Разыгравшееся воображение приблизило к его глазам Сержа, волшебно выросшего и преданно взирающего на старшего брата.
- Длинный хвост дворовых и крестьян провожал нашу карету... В нашем именье отца ждала бумага. Все дворяне уезда вызывались в Москву ко дню приезда государя. Московские дворяне обещались поставить одного ратника с каждых десяти ревизских душ. Батюшка сказал, что государь остался очень доволен. Засим он воротился в деревню...
- Кто воротился? - спросил Соймонов.- Государь или твой отец?
- Нет, разумеется, не государь, а батюшка! Но, к его прискорбию, обнаружилось, что возраст его слишком преклонен для военных действий.
- А ты? - спросил Соймонов с интересом.
Галаган смущенно хихикнул, но тотчас попал в прежний тон, спокойный и величавый:
- Мои лета тоже не удовлетворяли требованиям суровой ратной жизни. Но я обратился к предводителю...
- Поль, не надо,- тихо попросил Евгений, в потемках краснея за разболтавшегося товарища.- Ne piaffe pas! {Не гарцуй! (т. е. не выламывайся. Франц. идиома.)}
- А ты молчи, маркиз, - приказал Соймонов.- Французишка. Рассказывай, Галаган.

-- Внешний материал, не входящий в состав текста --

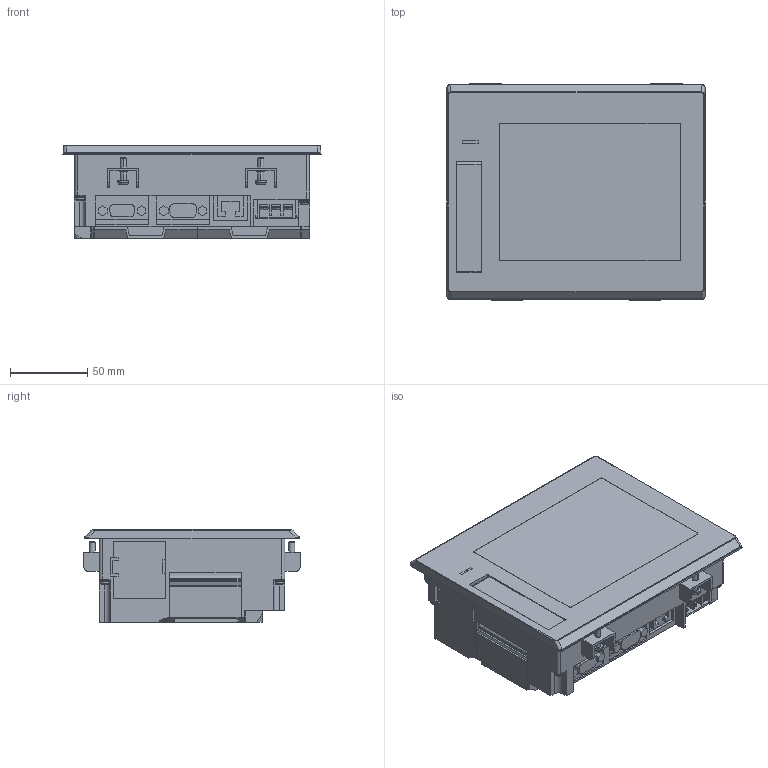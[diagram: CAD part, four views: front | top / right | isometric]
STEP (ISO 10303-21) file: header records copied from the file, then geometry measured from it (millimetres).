
FILE_DESCRIPTION((''),'2;1');
FILE_NAME('GT2705-VTBD_A_ASM','2015-03-25T',('QL11048'),(''),'PRO/ENGINEER BY PARAMETRIC TECHNOLOGY CORPORATION, 2014200','PRO/ENGINEER BY PARAMETRIC TECHNOLOGY CORPORATION, 2014200','');
FILE_SCHEMA(('CONFIG_CONTROL_DESIGN'));
Length unit declared in the file: millimetre
Products named in the file (5): GT2705-VTBD_01; COVER_1; COVER_1_1; TORITUKE_1; GT2705-VTBD_A_ASM
Assembly tree (8 placements, depth 2):
  GT2705-VTBD_A_ASM
    GT2705-VTBD_01
    COVER_1
    COVER_1_1  x2
    TORITUKE_1  x4
Bounding box: 167 x 140 x 60 mm (x, y, z)
Volume: 1005120.6 mm3; surface area: 123164 mm2
Topology: 8 solids, 8 shells, 584 faces, 1584 edges, 1056 vertices
Faces by surface type: plane 409, cylinder 102, cone 26, bspline 19, torus 16, sphere 12
Entity records: 16739 total; most frequent: CARTESIAN_POINT 4430, ORIENTED_EDGE 2616, DIRECTION 2388, EDGE_CURVE 1308, VECTOR 996, LINE 996, VERTEX_POINT 878, AXIS2_PLACEMENT_3D 696
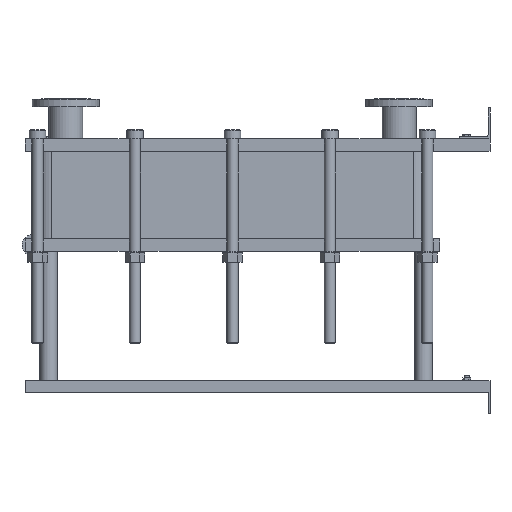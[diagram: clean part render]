
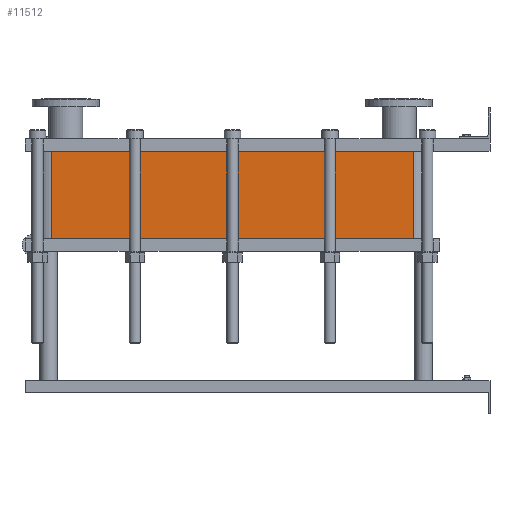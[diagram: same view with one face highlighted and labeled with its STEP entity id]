
A CAD part, left-side view. The second image highlights one B-rep face of the part: STEP entity #11512.
In plain terms, the highlighted planar face has unit normal (-1, 0, 0).
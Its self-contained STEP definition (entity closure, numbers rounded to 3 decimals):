
#1129=LINE('',#23232,#2102);
#1130=LINE('',#23236,#2103);
#1131=LINE('',#23238,#2104);
#1132=LINE('',#23239,#2105);
#2102=VECTOR('',#15887,10.);
#2103=VECTOR('',#15892,10.);
#2104=VECTOR('',#15893,10.);
#2105=VECTOR('',#15894,10.);
#3267=FACE_OUTER_BOUND('',#4093,.T.);
#4093=EDGE_LOOP('',(#10103,#10104,#10105,#10106));
#5642=VERTEX_POINT('',#23229);
#5643=VERTEX_POINT('',#23231);
#5644=VERTEX_POINT('',#23235);
#5645=VERTEX_POINT('',#23237);
#7159=EDGE_CURVE('',#5643,#5642,#1129,.T.);
#7161=EDGE_CURVE('',#5642,#5644,#1130,.T.);
#7162=EDGE_CURVE('',#5645,#5644,#1131,.T.);
#7163=EDGE_CURVE('',#5645,#5643,#1132,.T.);
#10103=ORIENTED_EDGE('',*,*,#7161,.T.);
#10104=ORIENTED_EDGE('',*,*,#7162,.F.);
#10105=ORIENTED_EDGE('',*,*,#7163,.T.);
#10106=ORIENTED_EDGE('',*,*,#7159,.T.);
#10857=PLANE('',#12751);
#11512=ADVANCED_FACE('',(#3267),#10857,.T.);
#12751=AXIS2_PLACEMENT_3D('',#23234,#15890,#15891);
#15887=DIRECTION('',(0.,0.,-1.));
#15890=DIRECTION('center_axis',(-1.,0.,0.));
#15891=DIRECTION('ref_axis',(0.,1.,0.));
#15892=DIRECTION('',(0.,-1.,0.));
#15893=DIRECTION('',(0.,0.,-1.));
#15894=DIRECTION('',(0.,1.,0.));
#23229=CARTESIAN_POINT('',(-200.,1414.,-282.9));
#23231=CARTESIAN_POINT('',(-200.,1414.,0.));
#23232=CARTESIAN_POINT('',(-200.,1414.,0.));
#23234=CARTESIAN_POINT('Origin',(-200.,248.,0.));
#23235=CARTESIAN_POINT('',(-200.,248.,-282.9));
#23236=CARTESIAN_POINT('',(-200.,539.5,-282.9));
#23237=CARTESIAN_POINT('',(-200.,248.,0.));
#23238=CARTESIAN_POINT('',(-200.,248.,0.));
#23239=CARTESIAN_POINT('',(-200.,248.,0.));

- В Москве батюшка мой поехал к графу Мамонову, - продолжал Галаган самоуверенным и словно бы потолстевшим голосом, - дабы выхлопотать для меня право поступления в его полк, поименованный бессмертным. К сожаленью, там оказалось множество смутьянов и самоуправцев. Они буянили, предавались кутежам, требовали себе денег и всяких привилегий. Губернатор велел раскассировать полк, а Мамонова заставили выйти в отставку и снять генеральские эполеты. Говорят, он предался самой мрачной ипохондрии, и рассудок его в опасности. Такова, увы, участь многих благородных мечтателей!
Евгений зарылся с головой в одеяло. Грустно, но и раздражительно интересно было слушать фанфаронские речи Поля, в которых правда мешалась с бессовестным враньем.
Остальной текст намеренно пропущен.